[Collected data entries]
>>>>>
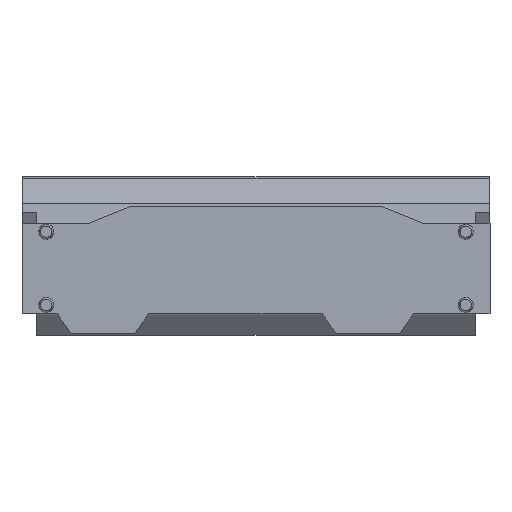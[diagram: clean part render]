
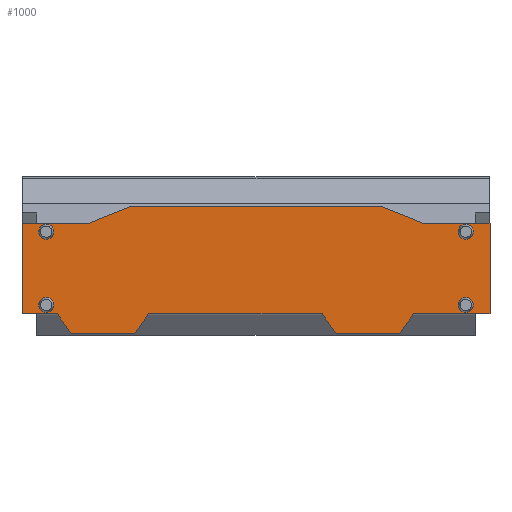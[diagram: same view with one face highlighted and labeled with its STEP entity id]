
A CAD part, front view. The second image highlights one B-rep face of the part: STEP entity #1000.
In plain terms, the highlighted planar face has unit normal (0, -1, 0).
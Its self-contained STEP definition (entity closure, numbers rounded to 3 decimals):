
#27=FACE_BOUND('',#171,.T.);
#28=FACE_BOUND('',#172,.T.);
#29=FACE_BOUND('',#173,.T.);
#30=FACE_BOUND('',#174,.T.);
#63=PLANE('',#1138);
#116=FACE_OUTER_BOUND('',#170,.T.);
#170=EDGE_LOOP('',(#849,#850,#851,#852,#853,#854,#855,#856,#857,#858,#859,
#860,#861,#862,#863,#864));
#171=EDGE_LOOP('',(#865));
#172=EDGE_LOOP('',(#866));
#173=EDGE_LOOP('',(#867));
#174=EDGE_LOOP('',(#868));
#206=LINE('',#1487,#330);
#231=LINE('',#1543,#355);
#237=LINE('',#1554,#361);
#241=LINE('',#1562,#365);
#245=LINE('',#1571,#369);
#248=LINE('',#1577,#372);
#251=LINE('',#1583,#375);
#254=LINE('',#1587,#378);
#255=LINE('',#1590,#379);
#259=LINE('',#1598,#383);
#262=LINE('',#1604,#386);
#265=LINE('',#1610,#389);
#268=LINE('',#1614,#392);
#271=LINE('',#1620,#395);
#274=LINE('',#1627,#398);
#275=LINE('',#1628,#399);
#330=VECTOR('',#1223,10.);
#355=VECTOR('',#1268,10.);
#361=VECTOR('',#1280,10.);
#365=VECTOR('',#1286,10.);
#369=VECTOR('',#1292,10.);
#372=VECTOR('',#1297,10.);
#375=VECTOR('',#1302,10.);
#378=VECTOR('',#1307,10.);
#379=VECTOR('',#1310,10.);
#383=VECTOR('',#1316,10.);
#386=VECTOR('',#1321,10.);
#389=VECTOR('',#1326,10.);
#392=VECTOR('',#1331,10.);
#395=VECTOR('',#1336,10.);
#398=VECTOR('',#1343,10.);
#399=VECTOR('',#1344,10.);
#441=CIRCLE('',#1092,8.);
#443=CIRCLE('',#1096,8.);
#445=CIRCLE('',#1100,8.);
#447=CIRCLE('',#1104,8.);
#455=VERTEX_POINT('',#1435);
#457=VERTEX_POINT('',#1442);
#459=VERTEX_POINT('',#1449);
#461=VERTEX_POINT('',#1456);
#471=VERTEX_POINT('',#1484);
#472=VERTEX_POINT('',#1486);
#491=VERTEX_POINT('',#1539);
#493=VERTEX_POINT('',#1542);
#495=VERTEX_POINT('',#1553);
#498=VERTEX_POINT('',#1561);
#501=VERTEX_POINT('',#1568);
#502=VERTEX_POINT('',#1570);
#504=VERTEX_POINT('',#1576);
#506=VERTEX_POINT('',#1582);
#507=VERTEX_POINT('',#1589);
#510=VERTEX_POINT('',#1597);
#512=VERTEX_POINT('',#1603);
#514=VERTEX_POINT('',#1609);
#516=VERTEX_POINT('',#1618);
#518=VERTEX_POINT('',#1626);
#547=EDGE_CURVE('',#455,#455,#441,.T.);
#550=EDGE_CURVE('',#457,#457,#443,.T.);
#553=EDGE_CURVE('',#459,#459,#445,.T.);
#556=EDGE_CURVE('',#461,#461,#447,.T.);
#570=EDGE_CURVE('',#472,#471,#206,.T.);
#597=EDGE_CURVE('',#491,#493,#231,.T.);
#603=EDGE_CURVE('',#493,#495,#237,.T.);
#607=EDGE_CURVE('',#498,#495,#241,.T.);
#611=EDGE_CURVE('',#501,#502,#245,.T.);
#614=EDGE_CURVE('',#504,#502,#248,.T.);
#617=EDGE_CURVE('',#506,#504,#251,.T.);
#620=EDGE_CURVE('',#491,#506,#254,.T.);
#621=EDGE_CURVE('',#507,#472,#255,.T.);
#625=EDGE_CURVE('',#507,#510,#259,.T.);
#628=EDGE_CURVE('',#512,#510,#262,.T.);
#631=EDGE_CURVE('',#514,#512,#265,.T.);
#634=EDGE_CURVE('',#501,#514,#268,.T.);
#637=EDGE_CURVE('',#471,#516,#271,.T.);
#640=EDGE_CURVE('',#518,#516,#274,.T.);
#641=EDGE_CURVE('',#498,#518,#275,.T.);
#849=ORIENTED_EDGE('',*,*,#637,.T.);
#850=ORIENTED_EDGE('',*,*,#640,.F.);
#851=ORIENTED_EDGE('',*,*,#641,.F.);
#852=ORIENTED_EDGE('',*,*,#607,.T.);
#853=ORIENTED_EDGE('',*,*,#603,.F.);
#854=ORIENTED_EDGE('',*,*,#597,.F.);
#855=ORIENTED_EDGE('',*,*,#620,.T.);
#856=ORIENTED_EDGE('',*,*,#617,.T.);
#857=ORIENTED_EDGE('',*,*,#614,.T.);
#858=ORIENTED_EDGE('',*,*,#611,.F.);
#859=ORIENTED_EDGE('',*,*,#634,.T.);
#860=ORIENTED_EDGE('',*,*,#631,.T.);
#861=ORIENTED_EDGE('',*,*,#628,.T.);
#862=ORIENTED_EDGE('',*,*,#625,.F.);
#863=ORIENTED_EDGE('',*,*,#621,.T.);
#864=ORIENTED_EDGE('',*,*,#570,.T.);
#865=ORIENTED_EDGE('',*,*,#547,.T.);
#866=ORIENTED_EDGE('',*,*,#550,.T.);
#867=ORIENTED_EDGE('',*,*,#553,.T.);
#868=ORIENTED_EDGE('',*,*,#556,.T.);
#1000=ADVANCED_FACE('',(#116,#27,#28,#29,#30),#63,.F.);
#1092=AXIS2_PLACEMENT_3D('',#1436,#1168,#1169);
#1096=AXIS2_PLACEMENT_3D('',#1443,#1177,#1178);
#1100=AXIS2_PLACEMENT_3D('',#1450,#1186,#1187);
#1104=AXIS2_PLACEMENT_3D('',#1457,#1195,#1196);
#1138=AXIS2_PLACEMENT_3D('',#1625,#1341,#1342);
#1168=DIRECTION('center_axis',(0.,1.,0.));
#1169=DIRECTION('ref_axis',(1.,0.,0.));
#1177=DIRECTION('center_axis',(0.,1.,0.));
#1178=DIRECTION('ref_axis',(1.,0.,0.));
#1186=DIRECTION('center_axis',(0.,1.,0.));
#1187=DIRECTION('ref_axis',(1.,0.,0.));
#1195=DIRECTION('center_axis',(0.,1.,0.));
#1196=DIRECTION('ref_axis',(1.,0.,0.));
#1223=DIRECTION('',(0.,0.,1.));
#1268=DIRECTION('',(0.,0.,1.));
#1280=DIRECTION('',(1.,0.,0.));
#1286=DIRECTION('',(-0.927,0.,-0.375));
#1292=DIRECTION('',(-0.581,0.,-0.814));
#1297=DIRECTION('',(1.,0.,0.));
#1302=DIRECTION('',(0.581,0.,-0.814));
#1307=DIRECTION('',(1.,0.,0.));
#1310=DIRECTION('',(1.,0.,0.));
#1316=DIRECTION('',(-0.581,0.,-0.814));
#1321=DIRECTION('',(1.,0.,0.));
#1326=DIRECTION('',(0.581,0.,-0.814));
#1331=DIRECTION('',(1.,0.,0.));
#1336=DIRECTION('',(-1.,0.,0.));
#1341=DIRECTION('center_axis',(0.,1.,0.));
#1342=DIRECTION('ref_axis',(1.,0.,0.));
#1343=DIRECTION('',(0.927,0.,-0.375));
#1344=DIRECTION('',(1.,0.,0.));
#1435=CARTESIAN_POINT('',(216.,0.,-38.718));
#1436=CARTESIAN_POINT('Origin',(224.,0.,-38.718));
#1442=CARTESIAN_POINT('',(216.,0.,39.493));
#1443=CARTESIAN_POINT('Origin',(224.,0.,39.493));
#1449=CARTESIAN_POINT('',(-232.,0.,39.493));
#1450=CARTESIAN_POINT('Origin',(-224.,0.,39.493));
#1456=CARTESIAN_POINT('',(-232.,0.,-38.718));
#1457=CARTESIAN_POINT('Origin',(-224.,0.,-38.718));
#1484=CARTESIAN_POINT('',(249.915,0.,48.3));
#1486=CARTESIAN_POINT('',(249.915,0.,-48.3));
#1487=CARTESIAN_POINT('',(249.915,0.,-48.3));
#1539=CARTESIAN_POINT('',(-249.915,0.,-48.3));
#1542=CARTESIAN_POINT('',(-249.915,0.,48.3));
#1543=CARTESIAN_POINT('',(-249.915,0.,-48.3));
#1553=CARTESIAN_POINT('',(-179.208,0.,48.3));
#1554=CARTESIAN_POINT('',(-500.,0.,48.3));
#1561=CARTESIAN_POINT('',(-134.161,0.,66.5));
#1562=CARTESIAN_POINT('',(-134.161,0.,66.5));
#1568=CARTESIAN_POINT('',(-114.76,0.,-48.3));
#1570=CARTESIAN_POINT('',(-129.546,0.,-69.));
#1571=CARTESIAN_POINT('',(-114.76,0.,-48.3));
#1576=CARTESIAN_POINT('',(-197.403,0.,-69.));
#1577=CARTESIAN_POINT('',(-197.403,0.,-69.));
#1582=CARTESIAN_POINT('',(-212.189,0.,-48.3));
#1583=CARTESIAN_POINT('',(-212.189,0.,-48.3));
#1587=CARTESIAN_POINT('',(-838.724,0.,-48.3));
#1589=CARTESIAN_POINT('',(168.174,0.,-48.3));
#1590=CARTESIAN_POINT('',(-555.79,0.,-48.3));
#1597=CARTESIAN_POINT('',(153.389,0.,-69.));
#1598=CARTESIAN_POINT('',(168.174,0.,-48.3));
#1603=CARTESIAN_POINT('',(85.532,0.,-69.));
#1604=CARTESIAN_POINT('',(85.532,0.,-69.));
#1609=CARTESIAN_POINT('',(70.746,0.,-48.3));
#1610=CARTESIAN_POINT('',(70.746,0.,-48.3));
#1614=CARTESIAN_POINT('',(-555.79,0.,-48.3));
#1618=CARTESIAN_POINT('',(179.208,0.,48.3));
#1620=CARTESIAN_POINT('',(249.915,0.,48.3));
#1625=CARTESIAN_POINT('Origin',(-1.,0.,-1.25));
#1626=CARTESIAN_POINT('',(134.161,0.,66.5));
#1627=CARTESIAN_POINT('',(134.161,0.,66.5));
#1628=CARTESIAN_POINT('',(-134.161,0.,66.5));
<<<<<
**About this task:** Retype the records above word for word, from their first line through the line containing "#516=VERTEX_POINT('',#1618);", and leave out every picture.

**Exercise solution:**
[diagram: clean part render]
[diagram: same view with one face highlighted and labeled with its STEP entity id]
A CAD part, front view. The second image highlights one B-rep face of the part: STEP entity #1000.
In plain terms, the highlighted planar face has unit normal (0, -1, 0).
Its self-contained STEP definition (entity closure, numbers rounded to 3 decimals):
#27=FACE_BOUND('',#171,.T.);
#28=FACE_BOUND('',#172,.T.);
#29=FACE_BOUND('',#173,.T.);
#30=FACE_BOUND('',#174,.T.);
#63=PLANE('',#1138);
#116=FACE_OUTER_BOUND('',#170,.T.);
#170=EDGE_LOOP('',(#849,#850,#851,#852,#853,#854,#855,#856,#857,#858,#859,
#860,#861,#862,#863,#864));
#171=EDGE_LOOP('',(#865));
#172=EDGE_LOOP('',(#866));
#173=EDGE_LOOP('',(#867));
#174=EDGE_LOOP('',(#868));
#206=LINE('',#1487,#330);
#231=LINE('',#1543,#355);
#237=LINE('',#1554,#361);
#241=LINE('',#1562,#365);
#245=LINE('',#1571,#369);
#248=LINE('',#1577,#372);
#251=LINE('',#1583,#375);
#254=LINE('',#1587,#378);
#255=LINE('',#1590,#379);
#259=LINE('',#1598,#383);
#262=LINE('',#1604,#386);
#265=LINE('',#1610,#389);
#268=LINE('',#1614,#392);
#271=LINE('',#1620,#395);
#274=LINE('',#1627,#398);
#275=LINE('',#1628,#399);
#330=VECTOR('',#1223,10.);
#355=VECTOR('',#1268,10.);
#361=VECTOR('',#1280,10.);
#365=VECTOR('',#1286,10.);
#369=VECTOR('',#1292,10.);
#372=VECTOR('',#1297,10.);
#375=VECTOR('',#1302,10.);
#378=VECTOR('',#1307,10.);
#379=VECTOR('',#1310,10.);
#383=VECTOR('',#1316,10.);
#386=VECTOR('',#1321,10.);
#389=VECTOR('',#1326,10.);
#392=VECTOR('',#1331,10.);
#395=VECTOR('',#1336,10.);
#398=VECTOR('',#1343,10.);
#399=VECTOR('',#1344,10.);
#441=CIRCLE('',#1092,8.);
#443=CIRCLE('',#1096,8.);
#445=CIRCLE('',#1100,8.);
#447=CIRCLE('',#1104,8.);
#455=VERTEX_POINT('',#1435);
#457=VERTEX_POINT('',#1442);
#459=VERTEX_POINT('',#1449);
#461=VERTEX_POINT('',#1456);
#471=VERTEX_POINT('',#1484);
#472=VERTEX_POINT('',#1486);
#491=VERTEX_POINT('',#1539);
#493=VERTEX_POINT('',#1542);
#495=VERTEX_POINT('',#1553);
#498=VERTEX_POINT('',#1561);
#501=VERTEX_POINT('',#1568);
#502=VERTEX_POINT('',#1570);
#504=VERTEX_POINT('',#1576);
#506=VERTEX_POINT('',#1582);
#507=VERTEX_POINT('',#1589);
#510=VERTEX_POINT('',#1597);
#512=VERTEX_POINT('',#1603);
#514=VERTEX_POINT('',#1609);
#516=VERTEX_POINT('',#1618);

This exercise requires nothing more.